▶ _Work request_:
In your reply, repeat the full listing exactly and leave each picture out.

=== Begin Enclosure ===

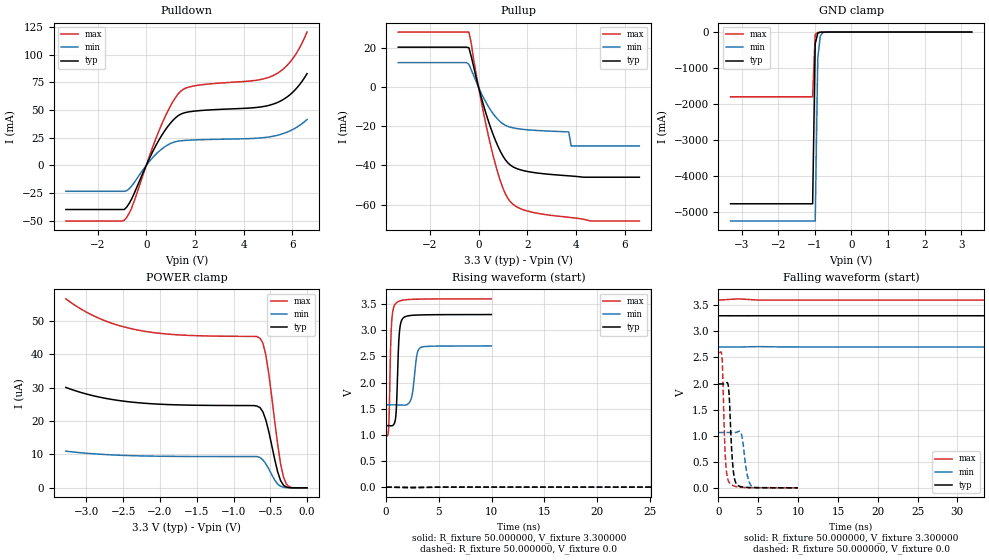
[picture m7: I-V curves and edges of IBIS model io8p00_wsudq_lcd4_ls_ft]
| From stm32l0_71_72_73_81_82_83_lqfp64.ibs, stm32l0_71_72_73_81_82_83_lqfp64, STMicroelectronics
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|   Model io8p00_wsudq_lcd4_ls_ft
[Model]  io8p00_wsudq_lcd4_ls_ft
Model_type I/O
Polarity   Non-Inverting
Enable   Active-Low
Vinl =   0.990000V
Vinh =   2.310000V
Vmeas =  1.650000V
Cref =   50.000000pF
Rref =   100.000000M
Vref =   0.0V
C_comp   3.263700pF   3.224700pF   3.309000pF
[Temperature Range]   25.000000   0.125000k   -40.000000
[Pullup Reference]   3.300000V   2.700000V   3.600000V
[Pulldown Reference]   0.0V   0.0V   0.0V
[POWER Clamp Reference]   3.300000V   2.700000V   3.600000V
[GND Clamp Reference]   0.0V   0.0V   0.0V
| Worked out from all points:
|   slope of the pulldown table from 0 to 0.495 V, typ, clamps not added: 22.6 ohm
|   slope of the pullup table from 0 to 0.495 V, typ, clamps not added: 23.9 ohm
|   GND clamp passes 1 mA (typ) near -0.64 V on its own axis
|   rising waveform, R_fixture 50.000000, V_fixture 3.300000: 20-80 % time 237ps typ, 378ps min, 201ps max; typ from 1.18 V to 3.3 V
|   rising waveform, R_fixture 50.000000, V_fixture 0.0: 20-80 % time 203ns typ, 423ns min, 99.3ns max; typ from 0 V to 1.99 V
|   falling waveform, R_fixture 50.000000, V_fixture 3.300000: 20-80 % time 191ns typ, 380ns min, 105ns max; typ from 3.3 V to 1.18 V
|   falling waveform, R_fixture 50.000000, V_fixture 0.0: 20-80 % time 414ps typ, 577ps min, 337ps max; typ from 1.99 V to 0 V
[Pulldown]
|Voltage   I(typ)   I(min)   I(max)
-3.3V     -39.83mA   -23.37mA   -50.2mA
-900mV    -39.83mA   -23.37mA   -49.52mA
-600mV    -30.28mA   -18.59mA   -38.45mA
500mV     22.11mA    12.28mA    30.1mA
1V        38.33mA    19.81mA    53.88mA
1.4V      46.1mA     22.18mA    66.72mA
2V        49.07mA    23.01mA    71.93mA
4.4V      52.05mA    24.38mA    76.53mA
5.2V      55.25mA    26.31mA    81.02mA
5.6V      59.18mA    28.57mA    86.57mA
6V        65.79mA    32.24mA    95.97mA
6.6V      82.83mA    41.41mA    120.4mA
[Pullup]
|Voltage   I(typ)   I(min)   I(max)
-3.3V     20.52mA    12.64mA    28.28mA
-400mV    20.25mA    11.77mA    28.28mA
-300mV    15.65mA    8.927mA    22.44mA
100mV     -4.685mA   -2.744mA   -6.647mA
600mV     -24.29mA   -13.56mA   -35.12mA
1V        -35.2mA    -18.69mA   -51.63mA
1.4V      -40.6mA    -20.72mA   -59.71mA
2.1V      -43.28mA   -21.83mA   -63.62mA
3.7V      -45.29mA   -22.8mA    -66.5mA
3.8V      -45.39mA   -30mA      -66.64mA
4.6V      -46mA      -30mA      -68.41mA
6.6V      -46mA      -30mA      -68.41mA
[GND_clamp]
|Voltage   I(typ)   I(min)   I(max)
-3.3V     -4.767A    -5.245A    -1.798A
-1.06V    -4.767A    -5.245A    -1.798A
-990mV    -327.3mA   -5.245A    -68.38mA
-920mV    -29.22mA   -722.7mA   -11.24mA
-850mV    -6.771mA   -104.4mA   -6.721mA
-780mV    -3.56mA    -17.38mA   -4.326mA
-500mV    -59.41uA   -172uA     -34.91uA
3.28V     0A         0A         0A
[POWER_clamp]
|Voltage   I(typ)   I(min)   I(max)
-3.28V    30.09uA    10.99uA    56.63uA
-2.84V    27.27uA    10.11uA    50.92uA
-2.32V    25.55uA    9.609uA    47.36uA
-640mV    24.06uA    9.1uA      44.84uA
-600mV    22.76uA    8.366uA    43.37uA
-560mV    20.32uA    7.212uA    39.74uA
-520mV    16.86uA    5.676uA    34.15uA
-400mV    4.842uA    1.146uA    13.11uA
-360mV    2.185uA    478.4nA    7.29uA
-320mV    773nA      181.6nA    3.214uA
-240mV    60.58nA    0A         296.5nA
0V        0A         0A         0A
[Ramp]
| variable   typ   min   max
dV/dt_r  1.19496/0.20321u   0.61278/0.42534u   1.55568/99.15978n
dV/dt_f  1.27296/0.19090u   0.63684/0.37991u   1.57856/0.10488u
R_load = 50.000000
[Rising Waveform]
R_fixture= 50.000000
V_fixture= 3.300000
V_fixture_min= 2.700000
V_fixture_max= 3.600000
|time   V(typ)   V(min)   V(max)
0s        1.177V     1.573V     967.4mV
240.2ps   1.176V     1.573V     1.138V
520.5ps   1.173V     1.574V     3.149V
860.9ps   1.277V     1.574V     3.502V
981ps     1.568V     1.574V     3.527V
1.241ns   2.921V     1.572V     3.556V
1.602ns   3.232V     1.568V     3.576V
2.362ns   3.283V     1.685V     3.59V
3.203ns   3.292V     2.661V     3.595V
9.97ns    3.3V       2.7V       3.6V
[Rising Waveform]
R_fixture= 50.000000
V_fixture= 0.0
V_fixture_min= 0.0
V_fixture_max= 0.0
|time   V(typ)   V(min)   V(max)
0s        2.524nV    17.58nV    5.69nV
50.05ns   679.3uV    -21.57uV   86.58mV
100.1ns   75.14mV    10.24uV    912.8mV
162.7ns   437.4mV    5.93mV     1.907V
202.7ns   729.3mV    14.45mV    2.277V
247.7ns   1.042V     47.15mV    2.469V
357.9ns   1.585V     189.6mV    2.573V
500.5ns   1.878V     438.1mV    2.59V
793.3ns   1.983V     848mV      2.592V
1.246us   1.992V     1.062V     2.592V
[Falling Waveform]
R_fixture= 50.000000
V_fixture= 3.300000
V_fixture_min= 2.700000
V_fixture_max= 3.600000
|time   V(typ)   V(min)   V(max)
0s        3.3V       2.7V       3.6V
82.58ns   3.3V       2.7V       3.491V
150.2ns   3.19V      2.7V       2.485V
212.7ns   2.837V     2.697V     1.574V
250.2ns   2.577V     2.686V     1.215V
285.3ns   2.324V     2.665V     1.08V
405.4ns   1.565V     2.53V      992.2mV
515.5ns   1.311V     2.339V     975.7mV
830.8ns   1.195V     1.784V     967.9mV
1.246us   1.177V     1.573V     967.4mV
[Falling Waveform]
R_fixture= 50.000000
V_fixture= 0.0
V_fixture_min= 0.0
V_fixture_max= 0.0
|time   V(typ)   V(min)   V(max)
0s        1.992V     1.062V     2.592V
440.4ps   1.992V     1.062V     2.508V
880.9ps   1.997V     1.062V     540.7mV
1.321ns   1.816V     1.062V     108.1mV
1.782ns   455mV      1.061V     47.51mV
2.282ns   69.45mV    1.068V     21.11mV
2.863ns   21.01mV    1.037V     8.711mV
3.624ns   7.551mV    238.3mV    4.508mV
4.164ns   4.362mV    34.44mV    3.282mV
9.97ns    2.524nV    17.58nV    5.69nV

=== End Enclosure ===

▶ _The answer_:
[picture m7: I-V curves and edges of IBIS model io8p00_wsudq_lcd4_ls_ft]
| From stm32l0_71_72_73_81_82_83_lqfp64.ibs, stm32l0_71_72_73_81_82_83_lqfp64, STMicroelectronics
|   Model io8p00_wsudq_lcd4_ls_ft
[Model]  io8p00_wsudq_lcd4_ls_ft
Model_type I/O
Polarity   Non-Inverting
Enable   Active-Low
Vinl =   0.990000V
Vinh =   2.310000V
Vmeas =  1.650000V
Cref =   50.000000pF
Rref =   100.000000M
Vref =   0.0V
C_comp   3.263700pF   3.224700pF   3.309000pF
[Temperature Range]   25.000000   0.125000k   -40.000000
[Pullup Reference]   3.300000V   2.700000V   3.600000V
[Pulldown Reference]   0.0V   0.0V   0.0V
[POWER Clamp Reference]   3.300000V   2.700000V   3.600000V
[GND Clamp Reference]   0.0V   0.0V   0.0V
| Worked out from all points:
|   slope of the pulldown table from 0 to 0.495 V, typ, clamps not added: 22.6 ohm
|   slope of the pullup table from 0 to 0.495 V, typ, clamps not added: 23.9 ohm
|   GND clamp passes 1 mA (typ) near -0.64 V on its own axis
|   rising waveform, R_fixture 50.000000, V_fixture 3.300000: 20-80 % time 237ps typ, 378ps min, 201ps max; typ from 1.18 V to 3.3 V
|   rising waveform, R_fixture 50.000000, V_fixture 0.0: 20-80 % time 203ns typ, 423ns min, 99.3ns max; typ from 0 V to 1.99 V
|   falling waveform, R_fixture 50.000000, V_fixture 3.300000: 20-80 % time 191ns typ, 380ns min, 105ns max; typ from 3.3 V to 1.18 V
|   falling waveform, R_fixture 50.000000, V_fixture 0.0: 20-80 % time 414ps typ, 577ps min, 337ps max; typ from 1.99 V to 0 V
[Pulldown]
|Voltage   I(typ)   I(min)   I(max)
-3.3V     -39.83mA   -23.37mA   -50.2mA
-900mV    -39.83mA   -23.37mA   -49.52mA
-600mV    -30.28mA   -18.59mA   -38.45mA
500mV     22.11mA    12.28mA    30.1mA
1V        38.33mA    19.81mA    53.88mA
1.4V      46.1mA     22.18mA    66.72mA
2V        49.07mA    23.01mA    71.93mA
4.4V      52.05mA    24.38mA    76.53mA
5.2V      55.25mA    26.31mA    81.02mA
5.6V      59.18mA    28.57mA    86.57mA
6V        65.79mA    32.24mA    95.97mA
6.6V      82.83mA    41.41mA    120.4mA
[Pullup]
|Voltage   I(typ)   I(min)   I(max)
-3.3V     20.52mA    12.64mA    28.28mA
-400mV    20.25mA    11.77mA    28.28mA
-300mV    15.65mA    8.927mA    22.44mA
100mV     -4.685mA   -2.744mA   -6.647mA
600mV     -24.29mA   -13.56mA   -35.12mA
1V        -35.2mA    -18.69mA   -51.63mA
1.4V      -40.6mA    -20.72mA   -59.71mA
2.1V      -43.28mA   -21.83mA   -63.62mA
3.7V      -45.29mA   -22.8mA    -66.5mA
3.8V      -45.39mA   -30mA      -66.64mA
4.6V      -46mA      -30mA      -68.41mA
6.6V      -46mA      -30mA      -68.41mA
[GND_clamp]
|Voltage   I(typ)   I(min)   I(max)
-3.3V     -4.767A    -5.245A    -1.798A
-1.06V    -4.767A    -5.245A    -1.798A
-990mV    -327.3mA   -5.245A    -68.38mA
-920mV    -29.22mA   -722.7mA   -11.24mA
-850mV    -6.771mA   -104.4mA   -6.721mA
-780mV    -3.56mA    -17.38mA   -4.326mA
-500mV    -59.41uA   -172uA     -34.91uA
3.28V     0A         0A         0A
[POWER_clamp]
|Voltage   I(typ)   I(min)   I(max)
-3.28V    30.09uA    10.99uA    56.63uA
-2.84V    27.27uA    10.11uA    50.92uA
-2.32V    25.55uA    9.609uA    47.36uA
-640mV    24.06uA    9.1uA      44.84uA
-600mV    22.76uA    8.366uA    43.37uA
-560mV    20.32uA    7.212uA    39.74uA
-520mV    16.86uA    5.676uA    34.15uA
-400mV    4.842uA    1.146uA    13.11uA
-360mV    2.185uA    478.4nA    7.29uA
-320mV    773nA      181.6nA    3.214uA
-240mV    60.58nA    0A         296.5nA
0V        0A         0A         0A
[Ramp]
| variable   typ   min   max
dV/dt_r  1.19496/0.20321u   0.61278/0.42534u   1.55568/99.15978n
dV/dt_f  1.27296/0.19090u   0.63684/0.37991u   1.57856/0.10488u
R_load = 50.000000
[Rising Waveform]
R_fixture= 50.000000
V_fixture= 3.300000
V_fixture_min= 2.700000
V_fixture_max= 3.600000
|time   V(typ)   V(min)   V(max)
0s        1.177V     1.573V     967.4mV
240.2ps   1.176V     1.573V     1.138V
520.5ps   1.173V     1.574V     3.149V
860.9ps   1.277V     1.574V     3.502V
981ps     1.568V     1.574V     3.527V
1.241ns   2.921V     1.572V     3.556V
1.602ns   3.232V     1.568V     3.576V
2.362ns   3.283V     1.685V     3.59V
3.203ns   3.292V     2.661V     3.595V
9.97ns    3.3V       2.7V       3.6V
[Rising Waveform]
R_fixture= 50.000000
V_fixture= 0.0
V_fixture_min= 0.0
V_fixture_max= 0.0
|time   V(typ)   V(min)   V(max)
0s        2.524nV    17.58nV    5.69nV
50.05ns   679.3uV    -21.57uV   86.58mV
100.1ns   75.14mV    10.24uV    912.8mV
162.7ns   437.4mV    5.93mV     1.907V
202.7ns   729.3mV    14.45mV    2.277V
247.7ns   1.042V     47.15mV    2.469V
357.9ns   1.585V     189.6mV    2.573V
500.5ns   1.878V     438.1mV    2.59V
793.3ns   1.983V     848mV      2.592V
1.246us   1.992V     1.062V     2.592V
[Falling Waveform]
R_fixture= 50.000000
V_fixture= 3.300000
V_fixture_min= 2.700000
V_fixture_max= 3.600000
|time   V(typ)   V(min)   V(max)
0s        3.3V       2.7V       3.6V
82.58ns   3.3V       2.7V       3.491V
150.2ns   3.19V      2.7V       2.485V
212.7ns   2.837V     2.697V     1.574V
250.2ns   2.577V     2.686V     1.215V
285.3ns   2.324V     2.665V     1.08V
405.4ns   1.565V     2.53V      992.2mV
515.5ns   1.311V     2.339V     975.7mV
830.8ns   1.195V     1.784V     967.9mV
1.246us   1.177V     1.573V     967.4mV
[Falling Waveform]
R_fixture= 50.000000
V_fixture= 0.0
V_fixture_min= 0.0
V_fixture_max= 0.0
|time   V(typ)   V(min)   V(max)
0s        1.992V     1.062V     2.592V
440.4ps   1.992V     1.062V     2.508V
880.9ps   1.997V     1.062V     540.7mV
1.321ns   1.816V     1.062V     108.1mV
1.782ns   455mV      1.061V     47.51mV
2.282ns   69.45mV    1.068V     21.11mV
2.863ns   21.01mV    1.037V     8.711mV
3.624ns   7.551mV    238.3mV    4.508mV
4.164ns   4.362mV    34.44mV    3.282mV
9.97ns    2.524nV    17.58nV    5.69nV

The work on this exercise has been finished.